Anecdote , my pal, and record seller ex=bishop told me , amazed ,son you have quite an edgy taste, sharpest knife in the drawer, he explain in canada perhaps 1000 persons has eclectic taste for sutch music of renaissance.Than mentally i blush hehe,

And that it CPO staff and ceeo please guided me toward your wonderfull offering what should i purchased,that will make me drool like a pavlov dog?

:tiphat:


----------



## Biffo (Mar 7, 2016)

I can't really help you. Most of the obscure German composers in my collection are from the Baroque era. The nearest I can think of is Michael Praetorius (c1571-1621) and he isn't very obscure.


----------



## Pugg (Aug 8, 2014)

Perhaps this helps a little bit deprofundis.
https://www.prestoclassical.co.uk/classical/labels/397--cpo


----------



## david johnson (Jun 25, 2007)

Hildegard van Bingen


----------



## Manxfeeder (Oct 19, 2010)

There are the Doppelmeisters, so-called because their names are similar: Benedictus Appenzeller and Benedictis Ducis and Benedictus de Opitiis. Benedictis Ducis was German.

Here's Ducis:


----------



## Manxfeeder (Oct 19, 2010)

Costanzo Festa was the first Italian musician of the 1500s to master Netherlandish contrapuntal techniques as well as the Netherlanders, and he helped lay the groundwork for what became the madrigal.


----------



## Mandryka (Feb 22, 2013)

deprofundis said:


> Im looking for obscure classical composer of renaissance of german origin, i affectionated 1450-1600 in dates and italian classical composer relatively unknow .I favor motets...
> 
> I cherrish the work of Bruiser,Meyer, Cordes, Fontero has conductors, please people introduced me to these obscur name, that carved gem,in cpo i trust , got fews of them on my wishlist allready, but i dont know all of them, im looking for beautifull yet dissonant, melancholic music remnescent of franco-flemish Bourgundy school of music for usage of vocal dissonance.
> 
> ...


Get the CD called L'art de la citation dans l'Italie des Visconti by Mala Punica, and the one by Bjorn Schmelzer called The Cult of Mary Magdelaine in the 16th century, and all the Camina de Santiago CDs from Luis Lozano Virumbrales - his band's called Grupo Alfonso x el sabio (Codex Huelgas, codices de Madrid, Codex calixtinus)

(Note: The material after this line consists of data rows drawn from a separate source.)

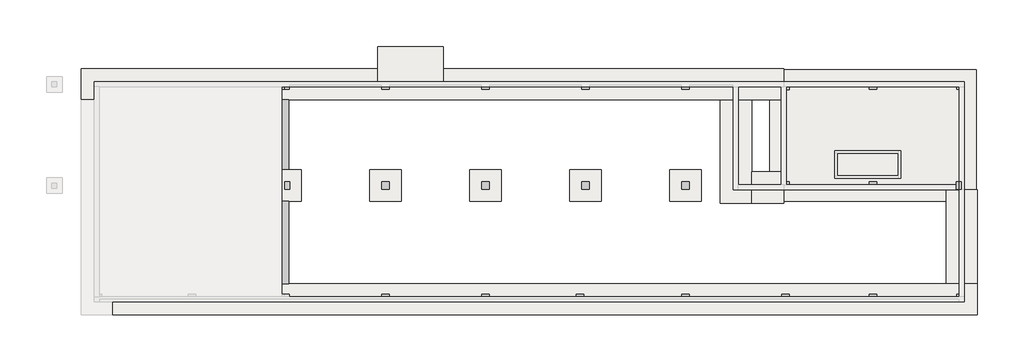
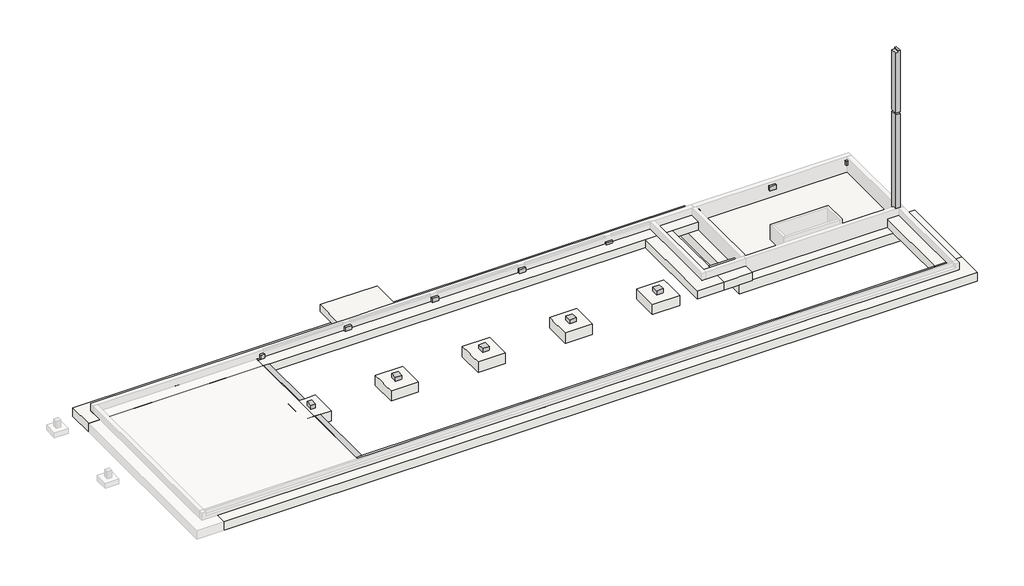
# Not in any storey, part 2 of 2: 25 columns, 8 beams, 8 slabs, 5 footings.
"""IFC4 building model written with IfcOpenShell, lengths in millimetres."""

from ifc_helpers import new_model, si_unit, frame, origin, place, context, project, spatial, polyline, outline, extrude, faceted_brep, element, save

model = new_model("IFC4")

# Units and contexts
model_context = context("Model", 3, world=origin())
ifc_project = project(units=[si_unit("LENGTHUNIT", "METRE", prefix="MILLI")], contexts=[model_context])

# Site, building
site = spatial("IfcSite", under=ifc_project)
building = spatial("IfcBuilding", under=site)

# Beams
placement = place(None, origin())
element("IfcBeam", 1, ObjectType="RC Beam_Rectangular : H_SB_AR_S16_TG_B600xH800_FG2", at=placement, inside=building, context=model_context, shape_type="Brep", body=[
    faceted_brep([(1150.0, 9199.5208589, -1350.0381366), (6250.0, 9199.5208589, -1350.0381366), (6250.0, 9199.5208589, -700.0381366), (4000.0, 9199.5208589, -700.0381366), (3500.0, 9199.5208589, -700.0381366), (1150.0, 9199.5208589, -700.0381366), (1150.0, 9799.5208589, -1350.0381366), (6250.0, 9799.5208589, -1350.0381366), (1150.0, 9799.5208589, -700.0381366), (3500.0, 9799.5208589, -700.0381366), (4000.0, 9799.5208589, -700.0381366), (6250.0, 9799.5208589, -700.0381366)], [[[0, 1, 2, 3, 4, 5]], [[0, 6, 7, 1]], [[7, 6, 8, 9, 10, 11]], [[6, 0, 5, 8]], [[1, 7, 11, 2]], [[5, 4, 3, 2, 11, 10, 9, 8]]]),
])
element("IfcBeam", 2, ObjectType="RC Beam_Rectangular : H_SB_AR_S16_TG_B600xH800_FG2", at=placement, inside=building, context=model_context, shape_type="Brep", body=[
    faceted_brep([(8750.0, 9199.5208589, -1350.0381366), (13750.0, 9199.5208589, -1350.0381366), (13750.0, 9199.5208589, -700.0381366), (11500.0, 9199.5208589, -700.0381366), (11000.0, 9199.5208589, -700.0381366), (8750.0, 9199.5208589, -700.0381366), (8750.0, 9799.5208589, -1350.0381366), (13750.0, 9799.5208589, -1350.0381366), (8750.0, 9799.5208589, -700.0381366), (11000.0, 9799.5208589, -700.0381366), (11500.0, 9799.5208589, -700.0381366), (13750.0, 9799.5208589, -700.0381366)], [[[0, 1, 2, 3, 4, 5]], [[0, 6, 7, 1]], [[7, 6, 8, 9, 10, 11]], [[6, 0, 5, 8]], [[1, 7, 11, 2]], [[5, 4, 3, 2, 11, 10, 9, 8]]]),
])
element("IfcBeam", 3, ObjectType="RC Beam_Rectangular : H_SB_AR_S16_TG_B500xH700_FB1", at=placement, inside=building, context=model_context, shape_type="SweptSolid", body=[
    extrude(outline(polyline([(4000.0, 9799.5208589), (3500.0, 9799.5208589), (3500.0, 16349.5208589), (4000.0, 16349.5208589), (4000.0, 9799.5208589)])), frame((0.0, 0.0, -1250.0381366), z_axis=(0.0, 0.0, 1.0), x_axis=(1.0, 0.0, 0.0)), (0.0, 0.0, 1.0), 550.0),
])
element("IfcBeam", 4, ObjectType="RC Beam_Rectangular : H_SB_AR_S16_TG_B500xH700_FB1", at=placement, inside=building, context=model_context, shape_type="SweptSolid", body=[
    extrude(outline(polyline([(11500.0, 9799.5208589), (11000.0, 9799.5208589), (11000.0, 16349.5208589), (11500.0, 16349.5208589), (11500.0, 9799.5208589)])), frame((0.0, 0.0, -1250.0381366), z_axis=(0.0, 0.0, 1.0), x_axis=(1.0, 0.0, 0.0)), (0.0, 0.0, 1.0), 550.0),
])
element("IfcBeam", 5, ObjectType="RC Beam_Rectangular : H_SB_AR_S16_TG_B500xH700_FB1", at=placement, inside=building, context=model_context, shape_type="SweptSolid", body=[
    extrude(outline(polyline([(11500.0, 1649.5208589), (11000.0, 1649.5208589), (11000.0, 9199.5208589), (11500.0, 9199.5208589), (11500.0, 1649.5208589)])), frame((0.0, 0.0, -1250.0381366), z_axis=(0.0, 0.0, 1.0), x_axis=(1.0, 0.0, 0.0)), (0.0, 0.0, 1.0), 550.0),
])
element("IfcBeam", 6, ObjectType="RC Beam_Rectangular : H_SB_AR_S16_TG_B500xH700_FG1", at=placement, inside=building, context=model_context, shape_type="SweptSolid", body=[
    extrude(outline(polyline([(7250.0, 16349.5208589), (7750.0, 16349.5208589), (7750.0, 10749.5208589), (7250.0, 10749.5208589), (7250.0, 16349.5208589)])), frame((0.0, 0.0, -1250.0381366), z_axis=(0.0, 0.0, 1.0), x_axis=(1.0, 0.0, 0.0)), (0.0, 0.0, 1.0), 550.0),
])
element("IfcBeam", 7, ObjectType="RC Beam_Rectangular : H_SB_AR_S16_TG_B500xH700_FG1", at=placement, inside=building, context=model_context, shape_type="SweptSolid", body=[
    extrude(outline(polyline([(14750.0, 16349.5208589), (15250.0, 16349.5208589), (15250.0, 10749.5208589), (14750.0, 10749.5208589), (14750.0, 16349.5208589)])), frame((0.0, 0.0, -1250.0381366), z_axis=(0.0, 0.0, 1.0), x_axis=(1.0, 0.0, 0.0)), (0.0, 0.0, 1.0), 700.0),
])
element("IfcBeam", 8, ObjectType="RC Beam_Rectangular : H_SB_AR_S16_TG_B500xH700_FG1", at=placement, inside=building, context=model_context, shape_type="SweptSolid", body=[
    extrude(outline(polyline([(15250.0, 1649.5208589), (14750.0, 1649.5208589), (14750.0, 8249.5208589), (15250.0, 8249.5208589), (15250.0, 1649.5208589)])), frame((0.0, 0.0, -1250.0381366), z_axis=(0.0, 0.0, 1.0), x_axis=(1.0, 0.0, 0.0)), (0.0, 0.0, 1.0), 700.0),
])

# Columns
element("IfcColumn", 9, ObjectType="RC_Column_Rectangular : H_SC_AR_S15_UG_W600xL600_C2", at=placement, inside=building, context=model_context, shape_type="Brep", body=[
    faceted_brep([(300.0, 17799.5208589, -850.0381366), (300.0, 17199.5208589, -850.0381366), (-300.0, 17199.5208589, -850.0381366), (-300.0, 17799.5208589, -850.0381366), (300.0, 17799.5208589, -550.0381366), (300.0, 17399.5208589, -550.0381366), (300.0, 17399.5208589, -700.0381366), (300.0, 17199.5208589, -700.0381366), (-300.0, 17199.5208589, -550.0381366), (-300.0, 17399.5208589, -550.0381366), (-300.0, 17799.5208589, -550.0381366), (100.0, 17199.5208589, -550.0381366), (100.0, 17399.5208589, -550.0381366), (100.0, 17399.5208589, -700.0381366), (100.0, 17199.5208589, -700.0381366)], [[[0, 1, 2, 3]], [[1, 0, 4, 5, 6, 7]], [[3, 2, 8, 9, 10]], [[0, 3, 10, 4]], [[8, 11, 12, 5, 4, 10, 9]], [[6, 13, 14, 7]], [[13, 12, 11, 14]], [[12, 13, 6, 5]], [[2, 1, 7, 14, 11, 8]]]),
])
element("IfcColumn", 10, ObjectType="RC_Column_Rectangular : H_SC_AR_S15_UG_W600xL600_C2", at=placement, inside=building, context=model_context, shape_type="SweptSolid", body=[
    extrude(outline(polyline([(17799.5208589, -850.0381366), (17199.5208589, -850.0381366), (17199.5208589, -700.0381366), (17399.5208589, -700.0381366), (17399.5208589, -550.0381366), (17799.5208589, -550.0381366), (17799.5208589, -850.0381366)])), frame((7200.0, 0.0, 0.0), z_axis=(1.0, 0.0, 0.0), x_axis=(0.0, 1.0, 0.0)), (0.0, 0.0, 1.0), 600.0),
])
element("IfcColumn", 11, ObjectType="RC_Column_Rectangular : H_SC_AR_S15_UG_W600xL600_C2", at=placement, inside=building, context=model_context, shape_type="Brep", body=[
    faceted_brep([(15300.0, 17799.5208589, -850.0381366), (15300.0, 17199.5208589, -850.0381366), (14700.0, 17199.5208589, -850.0381366), (14700.0, 17799.5208589, -850.0381366), (15300.0, 17799.5208589, -550.0381366), (15300.0, 17399.5208589, -550.0381366), (15300.0, 17399.5208589, -150.0381366), (15300.0, 17199.5208589, -150.0381366), (14950.0, 17199.5208589, -150.0381366), (14950.0, 17199.5208589, -550.0381366), (14700.0, 17199.5208589, -550.0381366), (14700.0, 17399.5208589, -550.0381366), (14700.0, 17799.5208589, -550.0381366), (14950.0, 17399.5208589, -150.0381366), (14950.0, 17399.5208589, -550.0381366)], [[[0, 1, 2, 3]], [[1, 0, 4, 5, 6, 7]], [[2, 1, 7, 8, 9, 10]], [[3, 2, 10, 11, 12]], [[0, 3, 12, 4]], [[8, 7, 6, 13]], [[14, 9, 8, 13]], [[9, 14, 5, 4, 12, 11, 10]], [[5, 14, 13, 6]]]),
])
element("IfcColumn", 12, ObjectType="RC_Column_Rectangular : H_SC_AR_S15_UG_W600xL600_C2", at=placement, inside=building, context=model_context, shape_type="SweptSolid", body=[
    extrude(outline(polyline([(17799.5208589, -850.0381366), (17199.5208589, -850.0381366), (17199.5208589, -150.0381366), (17399.5208589, -150.0381366), (17399.5208589, -550.0381366), (17799.5208589, -550.0381366), (17799.5208589, -850.0381366)])), frame((22700.0, 0.0, 0.0), z_axis=(1.0, 0.0, 0.0), x_axis=(0.0, 1.0, 0.0)), (0.0, 0.0, 1.0), 600.0),
])
element("IfcColumn", 13, ObjectType="RC_Column_Rectangular : H_SC_AR_S15_UG_W600xL600_C2", at=placement, inside=building, context=model_context, shape_type="SweptSolid", body=[
    extrude(outline(polyline([(17799.5208589, -850.0381366), (17199.5208589, -850.0381366), (17199.5208589, -150.0381366), (17399.5208589, -150.0381366), (17399.5208589, -550.0381366), (17799.5208589, -550.0381366), (17799.5208589, -850.0381366)])), frame((30700.0, 0.0, 0.0), z_axis=(1.0, 0.0, 0.0), x_axis=(0.0, 1.0, 0.0)), (0.0, 0.0, 1.0), 600.0),
])
element("IfcColumn", 14, ObjectType="RC_Column_Rectangular : H_SC_AR_S15_UG_W600xL600_C2", at=placement, inside=building, context=model_context, shape_type="SweptSolid", body=[
    extrude(outline(polyline([(17799.5208589, -850.0381366), (17199.5208589, -850.0381366), (17199.5208589, -150.0381366), (17399.5208589, -150.0381366), (17399.5208589, -550.0381366), (17799.5208589, -550.0381366), (17799.5208589, -850.0381366)])), frame((38700.0, 0.0, 0.0), z_axis=(1.0, 0.0, 0.0), x_axis=(0.0, 1.0, 0.0)), (0.0, 0.0, 1.0), 600.0),
])
element("IfcColumn", 15, ObjectType="RC_Column_Rectangular : H_SC_AR_S15_UG_W600xL600_C2", at=placement, inside=building, context=model_context, shape_type="SweptSolid", body=[
    extrude(outline(polyline([(17799.5208589, -850.0381366), (17199.5208589, -850.0381366), (17199.5208589, -359.953022), (17399.5208589, -359.953022), (17399.5208589, -550.0381366), (17799.5208589, -550.0381366), (17799.5208589, -850.0381366)])), frame((46700.0, 0.0, 0.0), z_axis=(1.0, 0.0, 0.0), x_axis=(0.0, 1.0, 0.0)), (0.0, 0.0, 1.0), 600.0),
])
element("IfcColumn", 16, ObjectType="RC_Column_Rectangular : H_SC_AR_S15_UG_W600xL600_C2", at=placement, inside=building, context=model_context, shape_type="Brep", body=[
    faceted_brep([(69300.0, 799.5208589, -850.0381366), (69300.0, 199.5208589, -850.0381366), (68700.0, 199.5208589, -850.0381366), (68700.0, 799.5208589, -850.0381366), (69300.0, 799.5208589, -550.0381366), (69300.0, 599.5208589, -550.0381366), (69300.0, 199.5208589, -550.0381366), (68700.0, 199.5208589, -550.0381366), (68700.0, 599.5208589, -550.0381366), (68700.0, 599.5208589, -150.0381366), (68700.0, 799.5208589, -150.0381366), (68900.0, 799.5208589, -150.0381366), (68900.0, 799.5208589, -550.0381366), (68900.0, 599.5208589, -150.0381366), (68900.0, 599.5208589, -550.0381366)], [[[0, 1, 2, 3]], [[1, 0, 4, 5, 6]], [[2, 1, 6, 7]], [[3, 2, 7, 8, 9, 10]], [[0, 3, 10, 11, 12, 4]], [[10, 9, 13, 11]], [[9, 8, 14, 13]], [[4, 12, 14, 8, 7, 6, 5]], [[14, 12, 11, 13]]]),
])
element("IfcColumn", 17, ObjectType="RC_Column_Rectangular : H_SC_AR_S15_UG_W600xL600_C2", at=placement, inside=building, context=model_context, shape_type="SweptSolid", body=[
    extrude(outline(polyline([(799.5208589, -850.0381366), (199.5208589, -850.0381366), (199.5208589, -550.0381366), (599.5208589, -550.0381366), (599.5208589, -150.0381366), (799.5208589, -150.0381366), (799.5208589, -850.0381366)])), frame((61700.0, 0.0, 0.0), z_axis=(1.0, 0.0, 0.0), x_axis=(0.0, 1.0, 0.0)), (0.0, 0.0, 1.0), 600.0),
])
element("IfcColumn", 18, ObjectType="RC_Column_Rectangular : H_SC_AR_S15_UG_W600xL600_C2", at=placement, inside=building, context=model_context, shape_type="SweptSolid", body=[
    extrude(outline(polyline([(799.5208589, -850.0381366), (199.5208589, -850.0381366), (199.5208589, -550.0381366), (599.5208589, -550.0381366), (599.5208589, -150.0381366), (799.5208589, -150.0381366), (799.5208589, -850.0381366)])), frame((54700.0, 0.0, 0.0), z_axis=(1.0, 0.0, 0.0), x_axis=(0.0, 1.0, 0.0)), (0.0, 0.0, 1.0), 600.0),
])
element("IfcColumn", 19, ObjectType="RC_Column_Rectangular : H_SC_AR_S15_UG_W600xL600_C2", at=placement, inside=building, context=model_context, shape_type="SweptSolid", body=[
    extrude(outline(polyline([(799.5208589, -850.0381366), (199.5208589, -850.0381366), (199.5208589, -550.0381366), (599.5208589, -550.0381366), (599.5208589, -150.0381366), (799.5208589, -150.0381366), (799.5208589, -850.0381366)])), frame((46700.0, 0.0, 0.0), z_axis=(1.0, 0.0, 0.0), x_axis=(0.0, 1.0, 0.0)), (0.0, 0.0, 1.0), 600.0),
])
element("IfcColumn", 20, ObjectType="RC_Column_Rectangular : H_SC_AR_S15_UG_W600xL600_C2", at=placement, inside=building, context=model_context, shape_type="SweptSolid", body=[
    extrude(outline(polyline([(799.5208589, -850.0381366), (199.5208589, -850.0381366), (199.5208589, -550.0381366), (599.5208589, -550.0381366), (599.5208589, -150.0381366), (799.5208589, -150.0381366), (799.5208589, -850.0381366)])), frame((38250.0, 0.0, 0.0), z_axis=(1.0, 0.0, 0.0), x_axis=(0.0, 1.0, 0.0)), (0.0, 0.0, 1.0), 600.0),
])
element("IfcColumn", 21, ObjectType="RC_Column_Rectangular : H_SC_AR_S15_UG_W600xL600_C2", at=placement, inside=building, context=model_context, shape_type="SweptSolid", body=[
    extrude(outline(polyline([(799.5208589, -850.0381366), (199.5208589, -850.0381366), (199.5208589, -550.0381366), (599.5208589, -550.0381366), (599.5208589, -150.0381366), (799.5208589, -150.0381366), (799.5208589, -850.0381366)])), frame((30700.0, 0.0, 0.0), z_axis=(1.0, 0.0, 0.0), x_axis=(0.0, 1.0, 0.0)), (0.0, 0.0, 1.0), 600.0),
])
element("IfcColumn", 22, ObjectType="RC_Column_Rectangular : H_SC_AR_S15_UG_W600xL600_C2", at=placement, inside=building, context=model_context, shape_type="SweptSolid", body=[
    extrude(outline(polyline([(799.5208589, -850.0381366), (199.5208589, -850.0381366), (199.5208589, -550.0381366), (599.5208589, -550.0381366), (599.5208589, -150.0381366), (799.5208589, -150.0381366), (799.5208589, -850.0381366)])), frame((22700.0, 0.0, 0.0), z_axis=(1.0, 0.0, 0.0), x_axis=(0.0, 1.0, 0.0)), (0.0, 0.0, 1.0), 600.0),
])
element("IfcColumn", 23, ObjectType="RC_Column_Rectangular : H_SC_AR_S15_AG_W600xL600_C2", at=placement, inside=building, context=model_context, shape_type="SweptSolid", body=[
    extrude(outline(polyline([(15350.0, 9799.5208589), (15350.0, 9199.5208589), (14950.0, 9199.5208589), (14950.0, 9799.5208589), (15350.0, 9799.5208589)])), frame((0.0, 0.0, -550.0381366), z_axis=(0.0, 0.0, 1.0), x_axis=(1.0, 0.0, 0.0)), (0.0, 0.0, 1.0), 400.0),
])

Mais surtout remontez le temps un peu (enfin, beaucoup) et achetez le cd Vacillantis de l'ensemble Magister Petrus, et le CD For The End of Time de Sequentia.


----------



## RICK RIEKERT (Oct 9, 2017)

Stimmwerck is a very talented Munich-based vocal ensemble who specialize in performing and recording obscure or forgotten German Renaissance composers. They have recorded works by forgotten worthies Peter Schweikl, Heinrich Finck, Adam von Fulda, Leonhard Lechner, Johannes Heugel, Ludovicus Krafft, Leonhard Päminger, Andreas Raselius, Leonhardt Schröterm, and others.


----------